Rid Of Me was a mix of autobiography and gothic play-acting, but it coalesced into an authentically visceral howl. The title track, which opened proceedings, was a warning to a departing lover: “You’re not rid of me… I’ll make you lick my injuries/I’m gonna twist your head off, see?” It was scary and intense, yet the chorus, “Doncha, doncha wish you’d never met her?,” was as catchy as a Ramones hookline.
From there, the album went careening into sexual politics, relationships, and gender fluidity. The last was tackled in the very funny “50ft Queenie,” which ridiculed the male obsession with genitalia by claiming that Polly’s own organ was “20 inches long.” For good measure, she roared, “I’m the king of the world… You can bend over, Casanova!”
However you measured it, this was compelling stuff. Delving further, the track “Dry” (written for the debut album, but not included on it for reasons unexplained) scathingly appraises a lover and finds him wanting. In the song, Harvey admits she has “wet sides from time to time,” but that mainly “you leave me dry.” It’s so neat and so vicious that it’s impossible not to feel a touch of sympathy for the man it’s addressed to.
Then there’s “Rub ‘til It Bleeds,” abrasive in both name and style. It starts as a bluesy amble, with Harvey inviting her man to rest while she rubs his head. But tension builds, the bassline stutters and she slips into a fourth dimension of anguish: “I’ll smooth it nicely/Rub it better ‘til it bleeds.” Later, the discordant string sextet on “Man-Size Sextet,” that saws away as Polly sings through gritted teeth, adds a horror-movie chill to the air.
Stark and in your face
If Rid Of Me is like a visitation from an avenging fury, that sensation is amplified on 4-Track Demos, a 14-song collection of alternative versions and unreleased material originally issued five months after Rid Of Me. Now re-released alongside its parent album, it provides an insight into how Harvey originally imagined the songs. It’s just Polly and her guitar here – stark and in your face.
Even without Albini’s production dynamics, the eight songs from Rid Of Me and six previously unheard are more than rough takes. Harvey knew where she was going with them, and was drawing the blueprint that her band and Albini would follow.

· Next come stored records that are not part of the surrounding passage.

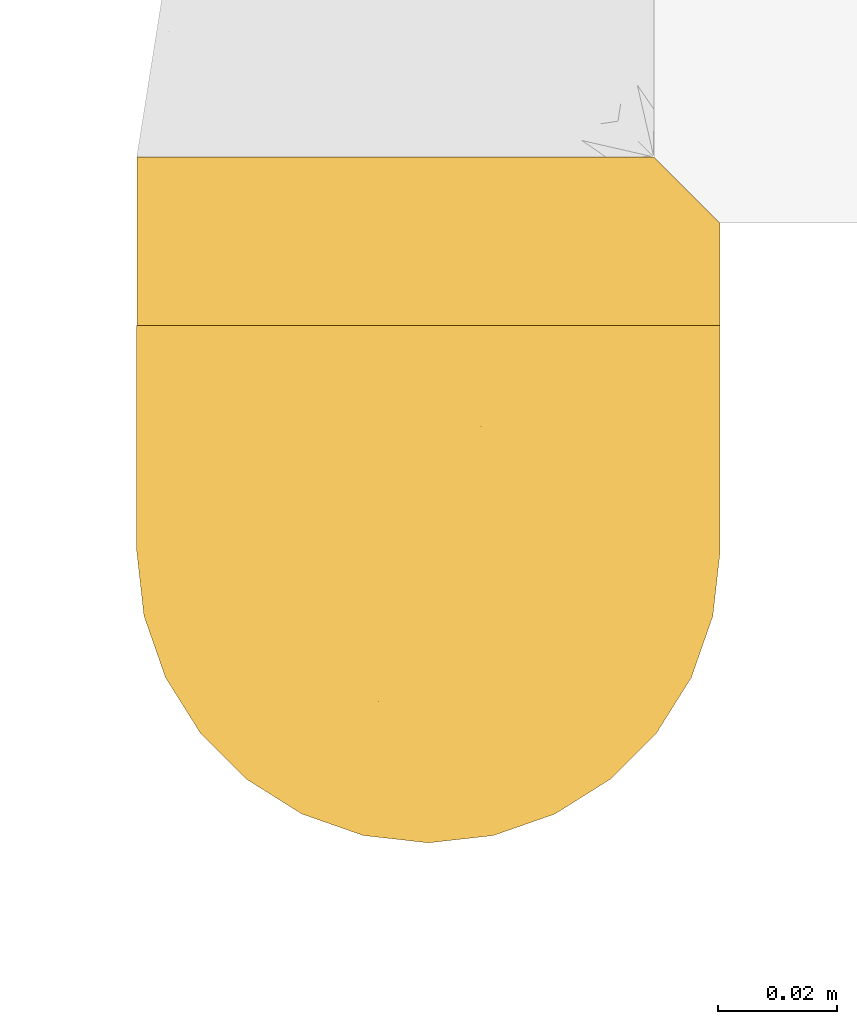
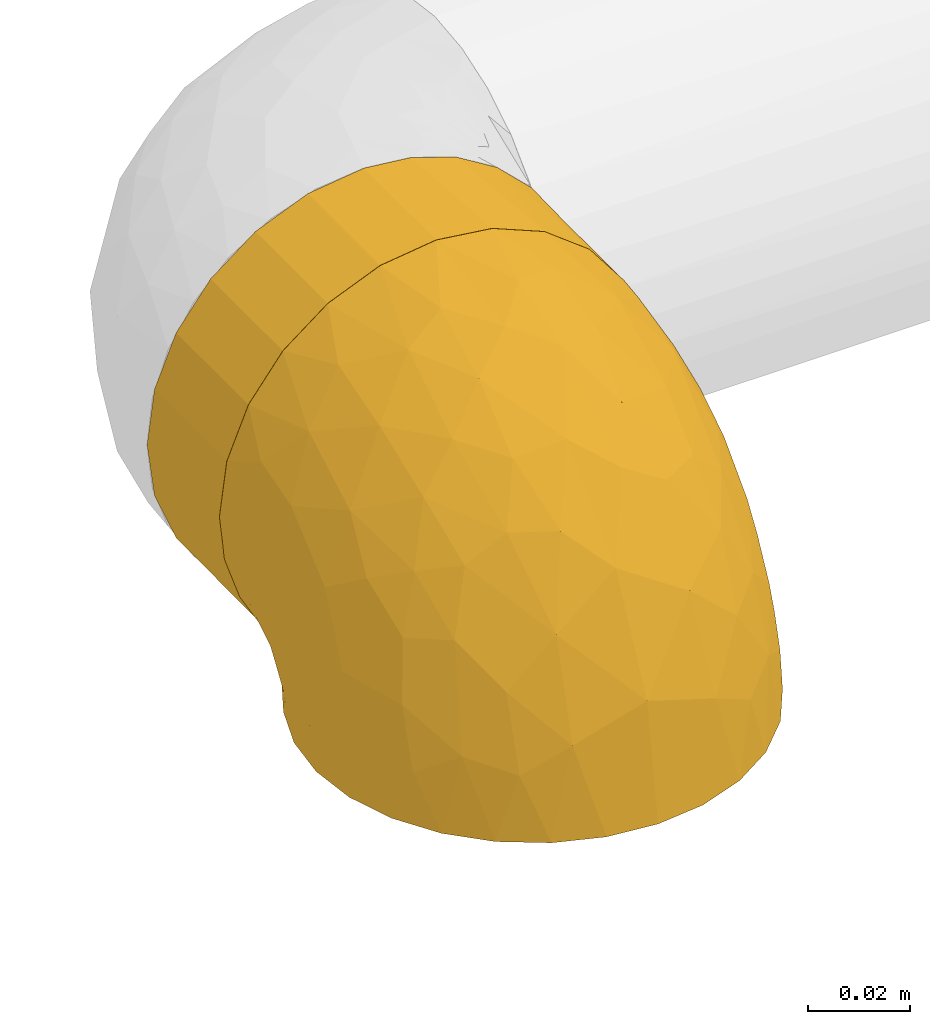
# One storey, part 2 of 6: 2 coverings.
"""IFC2X3 building model written with IfcOpenShell, lengths in millimetres."""

from ifc_helpers import new_model, entity, si_unit, converted_unit, derived_unit, direction, frame, origin, place, context, subcontext, project, spatial, faceted_brep, material, element, save


model = new_model("IFC2X3")

# Units and contexts
model_context = context("Model", 3, precision=0.01, world=origin(), true_north=direction((6.123031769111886e-17, 1.0)))
body_context = subcontext(model_context, "Body", "Model", "MODEL_VIEW")
ifc_project = project(units=[si_unit("LENGTHUNIT", "METRE", prefix="MILLI"), si_unit("AREAUNIT", "SQUARE_METRE"), si_unit("VOLUMEUNIT", "CUBIC_METRE"), converted_unit("PLANEANGLEUNIT", "DEGREE", entity("IfcRatioMeasure", 0.017453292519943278), si_unit("PLANEANGLEUNIT", "RADIAN"), dimensions=[0, 0, 0, 0, 0, 0, 0]), si_unit("MASSUNIT", "GRAM", prefix="KILO"), derived_unit("MASSDENSITYUNIT", [(si_unit("MASSUNIT", "GRAM", prefix="KILO"), 1), (si_unit("LENGTHUNIT", "METRE"), -3)]), derived_unit("IONCONCENTRATIONUNIT", [(si_unit("MASSUNIT", "GRAM", prefix="KILO"), 1), (si_unit("LENGTHUNIT", "METRE"), -3)]), derived_unit("MOMENTOFINERTIAUNIT", [(si_unit("LENGTHUNIT", "METRE"), 4)]), si_unit("TIMEUNIT", "SECOND"), si_unit("FREQUENCYUNIT", "HERTZ"), si_unit("THERMODYNAMICTEMPERATUREUNIT", "DEGREE_CELSIUS"), derived_unit("THERMALTRANSMITTANCEUNIT", [(si_unit("MASSUNIT", "GRAM", prefix="KILO"), 1), (si_unit("THERMODYNAMICTEMPERATUREUNIT", "KELVIN"), -1), (si_unit("TIMEUNIT", "SECOND"), -3)]), derived_unit("THERMALCONDUCTANCEUNIT", [(si_unit("MASSUNIT", "GRAM", prefix="KILO"), 1), (si_unit("THERMODYNAMICTEMPERATUREUNIT", "KELVIN"), -1), (si_unit("TIMEUNIT", "SECOND"), -3), (si_unit("LENGTHUNIT", "METRE"), 1)]), derived_unit("VOLUMETRICFLOWRATEUNIT", [(si_unit("LENGTHUNIT", "METRE"), 3), (si_unit("TIMEUNIT", "SECOND"), -1)]), derived_unit("MASSFLOWRATEUNIT", [(si_unit("MASSUNIT", "GRAM", prefix="KILO"), 1), (si_unit("TIMEUNIT", "SECOND"), -1)]), derived_unit("ROTATIONALFREQUENCYUNIT", [(si_unit("TIMEUNIT", "SECOND"), -1)]), si_unit("ELECTRICCURRENTUNIT", "AMPERE"), si_unit("ELECTRICVOLTAGEUNIT", "VOLT"), si_unit("POWERUNIT", "WATT"), si_unit("FORCEUNIT", "NEWTON", prefix="KILO"), si_unit("ILLUMINANCEUNIT", "LUX"), si_unit("LUMINOUSFLUXUNIT", "LUMEN"), si_unit("LUMINOUSINTENSITYUNIT", "CANDELA"), derived_unit("USERDEFINED", [(si_unit("MASSUNIT", "GRAM", prefix="KILO"), -1), (si_unit("LENGTHUNIT", "METRE"), -2), (si_unit("TIMEUNIT", "SECOND"), 3), (si_unit("LUMINOUSFLUXUNIT", "LUMEN"), 1)]), derived_unit("USERDEFINED", [(si_unit("MASSUNIT", "GRAM", prefix="KILO"), 1), (si_unit("TIMEUNIT", "SECOND"), -3), (si_unit("LENGTHUNIT", "METRE"), 3), (si_unit("ELECTRICCURRENTUNIT", "AMPERE"), -2)]), derived_unit("SOUNDPOWERUNIT", [(si_unit("MASSUNIT", "GRAM", prefix="KILO"), 1), (si_unit("TIMEUNIT", "SECOND"), -3), (si_unit("LENGTHUNIT", "METRE"), 2)]), derived_unit("SOUNDPRESSUREUNIT", [(si_unit("MASSUNIT", "GRAM", prefix="KILO"), 1), (si_unit("LENGTHUNIT", "METRE"), -1), (si_unit("TIMEUNIT", "SECOND"), -2)]), derived_unit("LINEARVELOCITYUNIT", [(si_unit("LENGTHUNIT", "METRE"), 1), (si_unit("TIMEUNIT", "SECOND"), -1)]), si_unit("PRESSUREUNIT", "PASCAL"), derived_unit("USERDEFINED", [(si_unit("MASSUNIT", "GRAM", prefix="KILO"), 1), (si_unit("LENGTHUNIT", "METRE"), -2), (si_unit("TIMEUNIT", "SECOND"), -2)]), derived_unit("LINEARFORCEUNIT", [(si_unit("MASSUNIT", "GRAM", prefix="KILO"), 1), (si_unit("TIMEUNIT", "SECOND"), -2)]), derived_unit("PLANARFORCEUNIT", [(si_unit("MASSUNIT", "GRAM", prefix="KILO"), 1), (si_unit("LENGTHUNIT", "METRE"), -1), (si_unit("TIMEUNIT", "SECOND"), -2)]), derived_unit("SPECIFICHEATCAPACITYUNIT", [(si_unit("THERMODYNAMICTEMPERATUREUNIT", "KELVIN"), -1), (si_unit("LENGTHUNIT", "METRE"), 2), (si_unit("TIMEUNIT", "SECOND"), -2)]), derived_unit("HEATINGVALUEUNIT", [(si_unit("LENGTHUNIT", "METRE"), 2), (si_unit("TIMEUNIT", "SECOND"), -2)]), derived_unit("VAPORPERMEABILITYUNIT", [(si_unit("LENGTHUNIT", "METRE"), -1), (si_unit("TIMEUNIT", "SECOND"), 1)]), derived_unit("DYNAMICVISCOSITYUNIT", [(si_unit("MASSUNIT", "GRAM", prefix="KILO"), 1), (si_unit("TIMEUNIT", "SECOND"), -1), (si_unit("LENGTHUNIT", "METRE"), -1)]), derived_unit("THERMALEXPANSIONCOEFFICIENTUNIT", [(si_unit("THERMODYNAMICTEMPERATUREUNIT", "KELVIN"), -1)]), derived_unit("MODULUSOFELASTICITYUNIT", [(si_unit("MASSUNIT", "GRAM", prefix="KILO"), 1), (si_unit("LENGTHUNIT", "METRE"), -1), (si_unit("TIMEUNIT", "SECOND"), -2)]), derived_unit("ISOTHERMALMOISTURECAPACITYUNIT", [(si_unit("LENGTHUNIT", "METRE"), 3), (si_unit("MASSUNIT", "GRAM", prefix="KILO"), -1)]), derived_unit("MOISTUREDIFFUSIVITYUNIT", [(si_unit("TIMEUNIT", "SECOND"), -1), (si_unit("LENGTHUNIT", "METRE"), 2)])], contexts=[model_context])

# Site, building, storey
site_placement = place(None, origin())
site = spatial("IfcSite", under=ifc_project, at=site_placement, Name="Default", CompositionType="ELEMENT")
building_placement = place(site_placement, origin())
building = spatial("IfcBuilding", under=site, at=building_placement, CompositionType="ELEMENT")
storey_placement = place(building_placement, frame((0.0, 0.0, 3000.0)))
storey = spatial("IfcBuildingStorey", under=building, at=storey_placement, Name="Niveau 1", CompositionType="ELEMENT", Elevation=3000.0)

# Coverings
ifc_material = material(Name="Isolation - Laine minérale")
covering_1_placement = place(storey_placement, frame((-10422.871137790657, 9958.875273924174, 0.7252722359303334)))
element("IfcCovering", 1, at=covering_1_placement, inside=storey, material=ifc_material, Name="Isolation des canalisations:Laine minérale", ObjectType="Isolation des canalisations:Laine minérale", PredefinedType="INSULATION", context=body_context, shape_type="Brep", body=[
    faceted_brep([(6.323164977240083, 1.5952722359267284, -71.75405657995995), (12.012544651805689, 1.595272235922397, -80.9755883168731), (19.584352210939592, 1.5952722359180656, -88.72527223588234), (81.86619226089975, 1.595272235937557, -88.72527223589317), (89.43799982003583, 1.5952722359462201, -80.97558831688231), (95.12737949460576, 1.595272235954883, -71.75405657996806), (98.65694811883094, 1.5952722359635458, -61.510046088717), (99.85527223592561, 1.595272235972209, -50.72527223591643), (98.18120808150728, 1.5952722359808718, -38.00949255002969), (93.27310032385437, 1.5952722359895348, -26.160272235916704), (85.46542839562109, 1.5952722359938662, -15.985116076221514), (75.29027223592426, 1.5952722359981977, -8.17744414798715), (63.44105192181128, 1.5952722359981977, -3.269336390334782), (50.72527223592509, 1.5952722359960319, -1.5952722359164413), (38.0094925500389, 1.5952722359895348, -3.269336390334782), (26.16027223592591, 1.5952722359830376, -8.17744414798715), (15.985116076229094, 1.5952722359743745, -15.985116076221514), (8.177444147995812, 1.5952722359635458, -26.160272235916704), (3.2693363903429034, 1.5952722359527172, -38.00949255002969), (1.5952722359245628, 1.5952722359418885, -50.72527223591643), (2.793596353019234, 1.5952722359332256, -61.51004608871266), (61.51004608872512, 29.97035065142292, -98.65694811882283), (50.72527223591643, 29.970350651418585, -99.85527223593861), (38.00949255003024, 29.97035065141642, -98.18120808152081), (26.160272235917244, 29.97035065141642, -93.27310032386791), (15.98511607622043, 29.970350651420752, -85.46542839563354), (8.17744414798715, 29.970350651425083, -75.29027223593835), (3.26933639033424, 29.970350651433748, -63.441051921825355), (1.5952722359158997, 29.97035065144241, -50.725272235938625), (3.26933639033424, 29.970350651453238, -38.009492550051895), (8.17744414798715, 29.970350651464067, -26.1602722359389), (15.98511607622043, 29.970350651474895, -15.985116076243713), (26.160272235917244, 29.970350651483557, -8.177444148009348), (38.00949255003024, 29.970350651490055, -3.2693363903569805), (50.72527223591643, 29.970350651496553, -1.59527223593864), (61.51004608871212, 29.97035065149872, -2.7935963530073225), (71.75405657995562, 29.97035065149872, -6.323164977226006), (80.97558831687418, 29.970350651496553, -12.01254465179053), (88.72527223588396, 29.970350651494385, -19.584352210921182), (88.72527223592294, 29.970350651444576, -81.8661922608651), (80.97558831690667, 29.97035065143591, -89.43799982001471), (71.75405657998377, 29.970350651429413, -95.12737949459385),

Any of the latter could easily have been included on Rid Of Me; they’re that good. How good? Well, “Reeling” starts with the declaration “I wanna bathe in milk, eat grapes/Robert De Niro, sit on my face.” That good.
Rid of Me proved that Polly Jean Harvey wasn’t going anywhere, and elevated her into the company of Patti Smith, Kate Bush, and other musical visionaries who are unable to be anything but themselves.